— THE TASK —
Below this line is a set of entries; quote exactly the lines from the line that contains "(161571.42, -14242.05)], dxfattribs=at).dxf.layer" to the line that contains "(161544.15, -14242.05)], dxfattribs=at).dxf.layer", both lines included.

— TASK INPUTS —
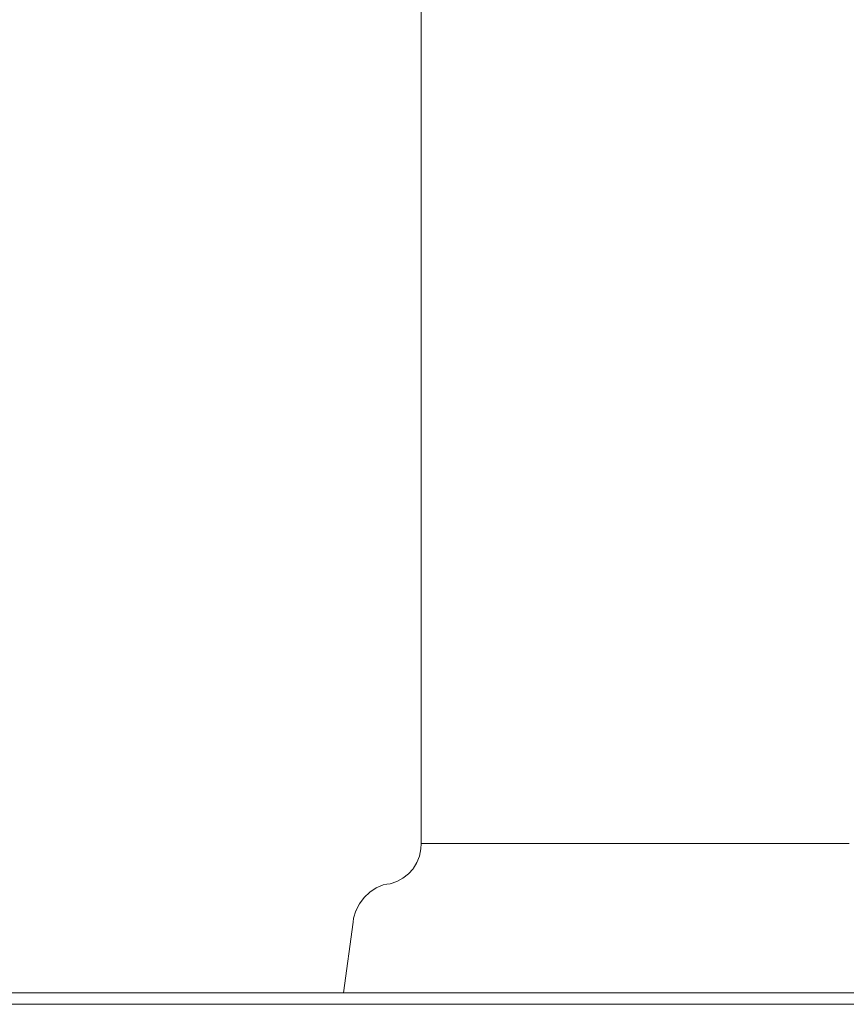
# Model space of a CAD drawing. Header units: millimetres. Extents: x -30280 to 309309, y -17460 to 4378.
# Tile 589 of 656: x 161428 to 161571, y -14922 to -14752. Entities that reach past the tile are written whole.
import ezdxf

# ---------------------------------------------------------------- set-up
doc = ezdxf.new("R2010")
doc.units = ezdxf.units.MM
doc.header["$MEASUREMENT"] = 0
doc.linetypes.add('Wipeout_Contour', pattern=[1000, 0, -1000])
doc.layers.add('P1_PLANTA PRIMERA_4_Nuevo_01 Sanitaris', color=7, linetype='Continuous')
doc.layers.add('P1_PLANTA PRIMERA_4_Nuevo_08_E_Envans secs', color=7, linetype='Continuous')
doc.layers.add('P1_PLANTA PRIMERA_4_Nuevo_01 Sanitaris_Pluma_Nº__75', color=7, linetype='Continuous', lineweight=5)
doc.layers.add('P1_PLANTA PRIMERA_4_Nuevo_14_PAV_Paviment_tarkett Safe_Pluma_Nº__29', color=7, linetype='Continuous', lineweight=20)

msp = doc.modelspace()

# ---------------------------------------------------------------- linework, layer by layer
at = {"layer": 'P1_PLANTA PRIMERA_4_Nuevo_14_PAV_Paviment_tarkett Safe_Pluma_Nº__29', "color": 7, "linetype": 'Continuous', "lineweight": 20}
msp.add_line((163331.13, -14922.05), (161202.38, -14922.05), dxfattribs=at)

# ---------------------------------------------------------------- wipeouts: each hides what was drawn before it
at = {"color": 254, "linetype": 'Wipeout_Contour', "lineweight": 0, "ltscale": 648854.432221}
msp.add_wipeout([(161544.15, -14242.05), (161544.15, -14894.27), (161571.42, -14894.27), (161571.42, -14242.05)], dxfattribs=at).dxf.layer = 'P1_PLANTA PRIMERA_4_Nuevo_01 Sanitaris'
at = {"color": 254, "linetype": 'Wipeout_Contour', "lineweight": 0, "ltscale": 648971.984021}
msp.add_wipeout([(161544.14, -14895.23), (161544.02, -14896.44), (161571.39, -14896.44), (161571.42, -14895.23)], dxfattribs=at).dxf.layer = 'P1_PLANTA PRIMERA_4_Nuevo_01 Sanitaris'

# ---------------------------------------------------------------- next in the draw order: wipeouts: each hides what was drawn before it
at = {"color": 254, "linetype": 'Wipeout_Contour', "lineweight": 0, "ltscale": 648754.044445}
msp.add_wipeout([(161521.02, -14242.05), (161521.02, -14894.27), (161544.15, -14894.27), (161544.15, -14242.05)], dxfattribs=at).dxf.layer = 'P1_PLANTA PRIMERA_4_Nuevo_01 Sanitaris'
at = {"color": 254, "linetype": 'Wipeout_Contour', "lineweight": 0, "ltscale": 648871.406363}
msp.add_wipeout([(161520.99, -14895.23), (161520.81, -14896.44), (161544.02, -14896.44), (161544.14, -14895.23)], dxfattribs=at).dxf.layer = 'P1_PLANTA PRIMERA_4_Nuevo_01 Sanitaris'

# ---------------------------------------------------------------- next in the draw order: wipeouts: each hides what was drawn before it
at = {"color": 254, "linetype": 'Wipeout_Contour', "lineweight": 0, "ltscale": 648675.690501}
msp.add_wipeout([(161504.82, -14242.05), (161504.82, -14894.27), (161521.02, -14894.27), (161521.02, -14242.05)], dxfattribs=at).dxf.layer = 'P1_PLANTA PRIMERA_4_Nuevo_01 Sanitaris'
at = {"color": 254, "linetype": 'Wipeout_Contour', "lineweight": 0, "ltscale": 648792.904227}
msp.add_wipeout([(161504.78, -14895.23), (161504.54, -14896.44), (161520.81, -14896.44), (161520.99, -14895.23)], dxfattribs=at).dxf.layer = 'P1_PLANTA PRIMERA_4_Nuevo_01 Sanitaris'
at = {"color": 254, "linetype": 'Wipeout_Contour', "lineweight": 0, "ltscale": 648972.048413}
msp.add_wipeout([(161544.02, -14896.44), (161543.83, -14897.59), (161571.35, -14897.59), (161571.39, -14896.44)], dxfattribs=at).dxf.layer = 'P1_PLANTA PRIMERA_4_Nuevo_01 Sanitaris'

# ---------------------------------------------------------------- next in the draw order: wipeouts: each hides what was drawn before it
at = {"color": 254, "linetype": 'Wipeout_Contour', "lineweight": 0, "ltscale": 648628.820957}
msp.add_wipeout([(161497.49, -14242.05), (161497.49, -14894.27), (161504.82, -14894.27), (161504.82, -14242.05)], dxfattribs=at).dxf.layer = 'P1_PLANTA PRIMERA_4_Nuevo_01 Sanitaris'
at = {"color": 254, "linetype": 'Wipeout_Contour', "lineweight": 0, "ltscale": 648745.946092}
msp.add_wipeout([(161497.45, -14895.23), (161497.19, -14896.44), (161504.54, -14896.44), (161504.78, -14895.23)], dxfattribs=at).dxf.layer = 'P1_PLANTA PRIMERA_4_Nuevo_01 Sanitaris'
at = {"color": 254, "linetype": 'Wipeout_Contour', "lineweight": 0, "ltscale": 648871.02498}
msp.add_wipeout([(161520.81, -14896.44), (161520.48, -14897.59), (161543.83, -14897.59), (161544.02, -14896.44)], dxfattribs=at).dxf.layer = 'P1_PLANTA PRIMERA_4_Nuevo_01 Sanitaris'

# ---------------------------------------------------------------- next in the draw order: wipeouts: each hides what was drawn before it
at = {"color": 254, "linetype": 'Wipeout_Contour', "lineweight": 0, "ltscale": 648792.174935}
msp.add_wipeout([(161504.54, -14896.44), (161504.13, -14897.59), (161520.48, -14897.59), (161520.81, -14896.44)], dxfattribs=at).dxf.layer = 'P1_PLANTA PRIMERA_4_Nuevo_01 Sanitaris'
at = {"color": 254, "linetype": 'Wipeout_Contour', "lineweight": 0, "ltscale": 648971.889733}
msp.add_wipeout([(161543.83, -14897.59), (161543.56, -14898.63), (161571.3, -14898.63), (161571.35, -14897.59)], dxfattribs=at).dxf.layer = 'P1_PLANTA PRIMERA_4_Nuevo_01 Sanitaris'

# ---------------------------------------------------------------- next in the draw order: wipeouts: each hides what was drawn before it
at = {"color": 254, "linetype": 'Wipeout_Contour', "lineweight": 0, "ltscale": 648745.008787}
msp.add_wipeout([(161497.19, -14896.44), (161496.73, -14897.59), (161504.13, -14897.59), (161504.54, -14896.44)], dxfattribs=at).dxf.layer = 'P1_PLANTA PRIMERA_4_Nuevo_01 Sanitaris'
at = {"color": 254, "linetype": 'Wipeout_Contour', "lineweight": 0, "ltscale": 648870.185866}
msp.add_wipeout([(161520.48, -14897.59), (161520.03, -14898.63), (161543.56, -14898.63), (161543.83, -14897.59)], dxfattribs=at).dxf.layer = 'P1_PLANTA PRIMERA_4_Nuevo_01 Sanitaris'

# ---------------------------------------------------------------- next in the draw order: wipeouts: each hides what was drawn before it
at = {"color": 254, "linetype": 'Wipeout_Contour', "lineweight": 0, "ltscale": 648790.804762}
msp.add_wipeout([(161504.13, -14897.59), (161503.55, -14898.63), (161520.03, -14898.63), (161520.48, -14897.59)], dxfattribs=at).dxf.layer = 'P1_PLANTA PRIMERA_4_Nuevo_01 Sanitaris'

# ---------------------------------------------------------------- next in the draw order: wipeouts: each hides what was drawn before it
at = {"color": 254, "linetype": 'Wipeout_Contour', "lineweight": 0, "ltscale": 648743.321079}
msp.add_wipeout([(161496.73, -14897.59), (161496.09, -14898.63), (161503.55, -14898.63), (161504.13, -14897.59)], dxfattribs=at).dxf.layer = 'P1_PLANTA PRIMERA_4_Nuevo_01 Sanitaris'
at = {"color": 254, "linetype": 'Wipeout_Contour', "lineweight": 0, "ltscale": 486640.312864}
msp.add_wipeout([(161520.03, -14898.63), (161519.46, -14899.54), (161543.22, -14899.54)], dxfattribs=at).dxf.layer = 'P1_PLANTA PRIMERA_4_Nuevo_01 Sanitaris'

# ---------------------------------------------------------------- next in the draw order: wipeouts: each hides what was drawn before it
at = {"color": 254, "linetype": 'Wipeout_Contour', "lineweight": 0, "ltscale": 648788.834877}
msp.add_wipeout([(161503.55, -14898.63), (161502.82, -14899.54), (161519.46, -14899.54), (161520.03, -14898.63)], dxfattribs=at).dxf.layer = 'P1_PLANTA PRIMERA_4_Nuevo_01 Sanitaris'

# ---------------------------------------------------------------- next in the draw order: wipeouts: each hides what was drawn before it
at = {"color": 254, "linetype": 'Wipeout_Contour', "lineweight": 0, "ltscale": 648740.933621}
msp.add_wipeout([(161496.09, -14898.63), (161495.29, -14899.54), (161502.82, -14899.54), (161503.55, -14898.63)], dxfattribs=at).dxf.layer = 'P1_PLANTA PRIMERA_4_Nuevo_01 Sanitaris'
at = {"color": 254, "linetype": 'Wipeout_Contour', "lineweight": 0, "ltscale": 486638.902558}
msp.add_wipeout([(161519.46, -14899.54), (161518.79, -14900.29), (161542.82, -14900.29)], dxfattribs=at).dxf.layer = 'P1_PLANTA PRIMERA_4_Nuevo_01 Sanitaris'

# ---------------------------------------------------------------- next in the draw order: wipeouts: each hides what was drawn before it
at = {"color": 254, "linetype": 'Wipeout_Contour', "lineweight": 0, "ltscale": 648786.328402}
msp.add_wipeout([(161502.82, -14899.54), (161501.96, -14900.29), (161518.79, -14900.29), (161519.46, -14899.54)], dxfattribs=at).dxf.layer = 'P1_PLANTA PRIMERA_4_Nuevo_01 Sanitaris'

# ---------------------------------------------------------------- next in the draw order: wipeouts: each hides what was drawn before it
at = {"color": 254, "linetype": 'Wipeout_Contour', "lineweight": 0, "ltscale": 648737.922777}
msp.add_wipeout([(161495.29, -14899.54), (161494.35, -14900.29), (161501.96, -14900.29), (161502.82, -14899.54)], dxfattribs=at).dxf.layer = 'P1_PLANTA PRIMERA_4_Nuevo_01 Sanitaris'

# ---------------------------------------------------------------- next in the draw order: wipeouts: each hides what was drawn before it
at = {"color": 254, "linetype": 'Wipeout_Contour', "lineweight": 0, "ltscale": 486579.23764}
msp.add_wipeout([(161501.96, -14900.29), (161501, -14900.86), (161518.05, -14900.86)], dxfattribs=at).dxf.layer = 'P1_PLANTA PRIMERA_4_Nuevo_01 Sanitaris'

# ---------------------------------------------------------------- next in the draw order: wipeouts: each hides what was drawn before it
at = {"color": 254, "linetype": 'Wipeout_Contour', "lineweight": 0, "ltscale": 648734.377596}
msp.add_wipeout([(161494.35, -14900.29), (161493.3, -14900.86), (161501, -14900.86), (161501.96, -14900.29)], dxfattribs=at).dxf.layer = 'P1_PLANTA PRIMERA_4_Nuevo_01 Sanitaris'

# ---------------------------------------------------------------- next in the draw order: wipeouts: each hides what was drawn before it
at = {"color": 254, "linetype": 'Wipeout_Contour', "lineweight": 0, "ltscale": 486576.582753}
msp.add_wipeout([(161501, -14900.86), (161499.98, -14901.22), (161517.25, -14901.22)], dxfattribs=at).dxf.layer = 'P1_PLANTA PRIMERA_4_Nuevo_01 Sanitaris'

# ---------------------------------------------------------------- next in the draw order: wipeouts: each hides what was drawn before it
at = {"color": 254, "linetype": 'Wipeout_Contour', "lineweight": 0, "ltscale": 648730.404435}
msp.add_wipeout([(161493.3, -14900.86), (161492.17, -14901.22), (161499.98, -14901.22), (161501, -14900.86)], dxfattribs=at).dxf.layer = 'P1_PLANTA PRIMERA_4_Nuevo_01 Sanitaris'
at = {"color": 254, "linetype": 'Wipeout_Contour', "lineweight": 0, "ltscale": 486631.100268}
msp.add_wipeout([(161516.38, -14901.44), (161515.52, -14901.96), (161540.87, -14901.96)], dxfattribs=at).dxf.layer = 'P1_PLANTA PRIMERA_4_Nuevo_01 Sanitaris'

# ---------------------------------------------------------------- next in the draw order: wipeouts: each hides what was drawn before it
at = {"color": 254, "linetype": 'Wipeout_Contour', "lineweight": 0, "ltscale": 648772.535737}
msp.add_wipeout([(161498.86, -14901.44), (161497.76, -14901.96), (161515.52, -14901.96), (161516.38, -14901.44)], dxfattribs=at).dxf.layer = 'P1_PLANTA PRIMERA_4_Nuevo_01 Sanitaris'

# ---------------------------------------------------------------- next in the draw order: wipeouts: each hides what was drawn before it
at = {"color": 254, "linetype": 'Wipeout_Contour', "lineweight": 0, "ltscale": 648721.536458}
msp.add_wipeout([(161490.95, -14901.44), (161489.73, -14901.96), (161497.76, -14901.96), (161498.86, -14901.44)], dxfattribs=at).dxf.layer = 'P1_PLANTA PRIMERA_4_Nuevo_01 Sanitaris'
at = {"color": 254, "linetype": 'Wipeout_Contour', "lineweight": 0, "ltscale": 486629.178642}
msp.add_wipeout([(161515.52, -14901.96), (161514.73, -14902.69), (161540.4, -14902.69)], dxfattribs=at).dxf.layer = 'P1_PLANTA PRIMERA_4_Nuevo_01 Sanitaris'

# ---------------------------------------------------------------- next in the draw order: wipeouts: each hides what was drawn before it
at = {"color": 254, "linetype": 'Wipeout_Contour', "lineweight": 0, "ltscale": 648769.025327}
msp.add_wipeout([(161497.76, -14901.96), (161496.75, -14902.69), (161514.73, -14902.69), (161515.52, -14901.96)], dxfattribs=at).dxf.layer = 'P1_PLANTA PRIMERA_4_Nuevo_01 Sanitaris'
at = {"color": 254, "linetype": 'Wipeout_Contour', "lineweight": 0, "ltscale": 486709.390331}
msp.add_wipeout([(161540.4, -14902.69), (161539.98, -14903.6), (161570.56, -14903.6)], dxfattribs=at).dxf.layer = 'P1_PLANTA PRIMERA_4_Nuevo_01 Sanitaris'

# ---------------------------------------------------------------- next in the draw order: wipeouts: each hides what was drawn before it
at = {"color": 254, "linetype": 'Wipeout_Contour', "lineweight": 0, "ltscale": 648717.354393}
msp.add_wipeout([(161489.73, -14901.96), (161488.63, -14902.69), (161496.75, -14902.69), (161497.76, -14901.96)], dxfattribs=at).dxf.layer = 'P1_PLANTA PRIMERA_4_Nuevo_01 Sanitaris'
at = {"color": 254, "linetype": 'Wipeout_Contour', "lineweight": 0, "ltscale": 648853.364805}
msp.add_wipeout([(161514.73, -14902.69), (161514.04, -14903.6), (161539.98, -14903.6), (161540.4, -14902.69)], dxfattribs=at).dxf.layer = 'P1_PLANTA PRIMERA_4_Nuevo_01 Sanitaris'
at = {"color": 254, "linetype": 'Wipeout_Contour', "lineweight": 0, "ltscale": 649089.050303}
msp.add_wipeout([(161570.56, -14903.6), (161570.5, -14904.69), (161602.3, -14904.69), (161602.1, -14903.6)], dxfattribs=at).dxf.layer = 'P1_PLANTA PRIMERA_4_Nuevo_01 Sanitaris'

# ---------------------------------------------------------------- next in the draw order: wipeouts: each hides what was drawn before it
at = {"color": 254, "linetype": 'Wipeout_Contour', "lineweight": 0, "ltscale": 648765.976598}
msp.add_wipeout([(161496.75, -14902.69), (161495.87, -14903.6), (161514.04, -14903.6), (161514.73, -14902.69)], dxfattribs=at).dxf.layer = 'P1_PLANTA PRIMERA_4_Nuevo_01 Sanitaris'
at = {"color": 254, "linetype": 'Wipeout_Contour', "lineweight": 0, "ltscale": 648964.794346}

— ANSWER TO THE PROBLEM —
msp.add_wipeout([(161544.15, -14242.05), (161544.15, -14894.27), (161571.42, -14894.27), (161571.42, -14242.05)], dxfattribs=at).dxf.layer = 'P1_PLANTA PRIMERA_4_Nuevo_01 Sanitaris'
at = {"color": 254, "linetype": 'Wipeout_Contour', "lineweight": 0, "ltscale": 648971.984021}
msp.add_wipeout([(161544.14, -14895.23), (161544.02, -14896.44), (161571.39, -14896.44), (161571.42, -14895.23)], dxfattribs=at).dxf.layer = 'P1_PLANTA PRIMERA_4_Nuevo_01 Sanitaris'

# ---------------------------------------------------------------- next in the draw order: wipeouts: each hides what was drawn before it
at = {"color": 254, "linetype": 'Wipeout_Contour', "lineweight": 0, "ltscale": 648754.044445}
msp.add_wipeout([(161521.02, -14242.05), (161521.02, -14894.27), (161544.15, -14894.27), (161544.15, -14242.05)], dxfattribs=at).dxf.layer = 'P1_PLANTA PRIMERA_4_Nuevo_01 Sanitaris'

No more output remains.